I managed to configure jPCT in a way that at least the box shows up, but the colors were all white after an undock. I think what happens here, is that the GL context that is bound to the AWTGLCanvas by some magic is lost when Jide undocks the canvas. When talking to an invalid context, it often happens that some things still work while others fail. This is more a driver bug than a feature, because actually, rendering into an invalid context should give you no rendering at all.

If that's the issue, I think that recreating the FrameBuffer actually is the correct solution here.

89
Support / Re: JPCT and Jide Docking Framework
« on: September 07, 2021, 08:15:38 pm »
You can try to call dispose on the renderer and create a new one. I'm not sure how the underlying AWTGL implementation handles this though, but it's worth a try.

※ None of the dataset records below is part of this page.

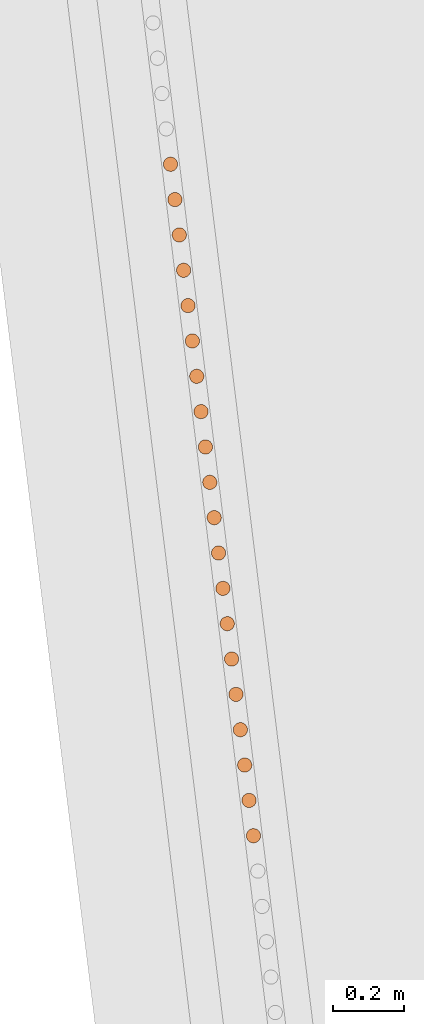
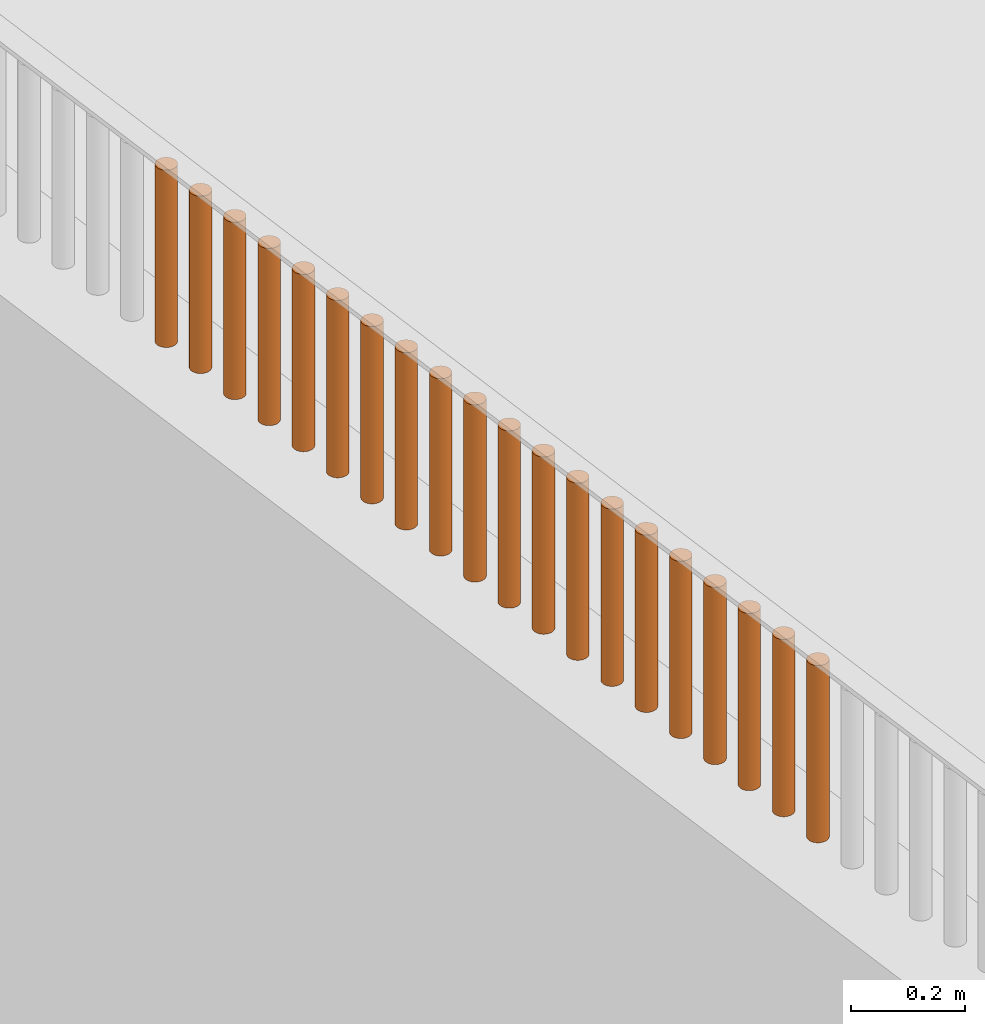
# One storey, part 234 of 1809: 20 proxies, 1 element without a shape of its own.
"""IFC2X3 building model written with IfcOpenShell, lengths in millimetres."""

from ifc_helpers import new_model, entity, si_unit, converted_unit, derived_unit, money_unit, direction, frame, origin_with_axes, place, context, subcontext, project, spatial, faceted_brep, source, transform, mapped, material, type_object, element, aggregate, save


model = new_model("IFC2X3")

# Units and contexts
model_context = context("Model", 3, precision=0.01, world=origin_with_axes(), true_north=direction((0.0, 1.0)))
body_context = subcontext(model_context, "Body", "Model", "MODEL_VIEW")
ifc_project = project(units=[si_unit("LENGTHUNIT", "METRE", prefix="MILLI"), si_unit("AREAUNIT", "SQUARE_METRE"), si_unit("VOLUMEUNIT", "CUBIC_METRE"), converted_unit("PLANEANGLEUNIT", "DEGREE", entity("IfcPlaneAngleMeasure", 0.0174532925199), si_unit("PLANEANGLEUNIT", "RADIAN"), dimensions=[0, 0, 0, 0, 0, 0, 0]), si_unit("SOLIDANGLEUNIT", "STERADIAN"), money_unit("EUR"), converted_unit("TIMEUNIT", "Year", entity("IfcTimeMeasure", 31556926.0), si_unit("TIMEUNIT", "SECOND"), dimensions=[0, 0, 1, 0, 0, 0, 0]), si_unit("MASSUNIT", "GRAM", prefix="KILO"), si_unit("THERMODYNAMICTEMPERATUREUNIT", "DEGREE_CELSIUS"), si_unit("LUMINOUSINTENSITYUNIT", "LUMEN"), si_unit("ENERGYUNIT", "JOULE", prefix="MEGA"), derived_unit("THERMALCONDUCTANCEUNIT", [(si_unit("POWERUNIT", "WATT"), 1), (si_unit("LENGTHUNIT", "METRE"), -1), (si_unit("THERMODYNAMICTEMPERATUREUNIT", "KELVIN"), -1)]), derived_unit("SPECIFICHEATCAPACITYUNIT", [(si_unit("ENERGYUNIT", "JOULE"), 1), (si_unit("MASSUNIT", "GRAM", prefix="KILO"), -1), (si_unit("THERMODYNAMICTEMPERATUREUNIT", "KELVIN"), -1)]), derived_unit("MASSDENSITYUNIT", [(si_unit("MASSUNIT", "GRAM", prefix="KILO"), 1), (si_unit("VOLUMEUNIT", "CUBIC_METRE"), -1)])], contexts=[model_context])

# Site, building, storey
site_placement = place(None, origin_with_axes())
site = spatial("IfcSite", under=ifc_project, at=site_placement, Name="Politse- ja Piirivalveameti ning Päästeameti ühishoone", CompositionType="ELEMENT")
building_placement = place(site_placement, origin_with_axes())
building = spatial("IfcBuilding", under=site, at=building_placement, Name="Politse- ja Piirivalveameti ning Päästeameti ühishoone", CompositionType="ELEMENT")
storey_placement = place(building_placement, origin_with_axes())
storey = spatial("IfcBuildingStorey", under=building, at=storey_placement, Name="Esimene korrus", CompositionType="ELEMENT", Elevation=0.0)

# Proxies
building_element_proxy_type_1 = type_object("IfcBuildingElementProxyType", Name="Railing Type", PredefinedType="NOTDEFINED")
proxy_1_placement = place(storey_placement, frame((-18956.5522504, -53688.4757966, 2100.0), z_axis=(0.0, 0.0, 1.0), x_axis=(1.0, 0.0, 0.0)))
proxy_1 = element("IfcBuildingElementProxy", 1, at=proxy_1_placement, inside=storey, type_object=building_element_proxy_type_1, Name="PIIRDEAED")
ifc_material = material(Name="ET-06_Teras - Konstruktsioon")
building_element_proxy_type_2 = type_object("IfcBuildingElementProxyType", Name="IfcBuildingElementProxy", PredefinedType="NOTDEFINED")
shared_shape_1 = source(origin_with_axes(), body_context, "Body", "Brep", [
    faceted_brep([(0.0, -20.0, 0.0), (3.47296355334, -19.6961550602, 0.0), (3.47296355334, -19.6961550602, 380.000012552), (0.0, -20.0, 380.000012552), (-3.47296355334, -19.6961550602, 0.0), (-6.84040286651, -18.7938524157, 0.0), (-10.0, -17.3205080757, 0.0), (-12.8557521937, -15.3208888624, 0.0), (-15.3208888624, -12.8557521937, 0.0), (-17.3205080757, -10.0, 0.0), (-18.7938524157, -6.84040286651, 0.0), (-19.6961550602, -3.47296355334, 0.0), (-20.0, 0.0, 0.0), (-19.6961550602, 3.47296355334, 0.0), (-18.7938524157, 6.84040286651, 0.0), (-17.3205080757, 10.0, 0.0), (-15.3208888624, 12.8557521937, 0.0), (-12.8557521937, 15.3208888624, 0.0), (-10.0, 17.3205080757, 0.0), (-6.84040286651, 18.7938524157, 0.0), (-3.47296355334, 19.6961550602, 0.0), (0.0, 20.0, 0.0), (3.47296355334, 19.6961550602, 0.0), (6.84040286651, 18.7938524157, 0.0), (10.0, 17.3205080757, 0.0), (12.8557521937, 15.3208888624, 0.0), (15.3208888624, 12.8557521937, 0.0), (17.3205080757, 10.0, 0.0), (18.7938524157, 6.84040286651, 0.0), (19.6961550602, 3.47296355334, 0.0), (20.0, 0.0, 0.0), (19.6961550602, -3.47296355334, 0.0), (18.7938524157, -6.84040286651, 0.0), (17.3205080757, -10.0, 0.0), (15.3208888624, -12.8557521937, 0.0), (12.8557521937, -15.3208888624, 0.0), (10.0, -17.3205080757, 0.0), (6.84040286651, -18.7938524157, 0.0), (6.84040286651, -18.7938524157, 380.000012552), (10.0, -17.3205080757, 380.000012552), (12.8557521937, -15.3208888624, 380.000012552), (15.3208888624, -12.8557521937, 380.000012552), (17.3205080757, -10.0, 380.000012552), (18.7938524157, -6.84040286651, 380.000012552), (19.6961550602, -3.47296355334, 380.000012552), (20.0, 0.0, 380.000012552), (19.6961550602, 3.47296355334, 380.000012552), (18.7938524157, 6.84040286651, 380.000012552), (17.3205080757, 10.0, 380.000012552), (15.3208888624, 12.8557521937, 380.000012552), (12.8557521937, 15.3208888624, 380.000012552), (10.0, 17.3205080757, 380.000012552), (6.84040286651, 18.7938524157, 380.000012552), (3.47296355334, 19.6961550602, 380.000012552), (0.0, 20.0, 380.000012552), (-3.47296355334, 19.6961550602, 380.000012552), (-6.84040286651, 18.7938524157, 380.000012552), (-10.0, 17.3205080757, 380.000012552), (-12.8557521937, 15.3208888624, 380.000012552), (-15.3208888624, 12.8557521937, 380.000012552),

Feel free to send me your test as well, so that I can see for myself and at least admire the problem... ;)

90
Support / Re: JPCT and Jide Docking Framework
« on: September 02, 2021, 07:14:09 pm »
Another difference is, that you compile the non-batched objects as dynamic, but not the batched ones. Have you tried to use the exact same compile-call for the batched ones as for the non-batched ones?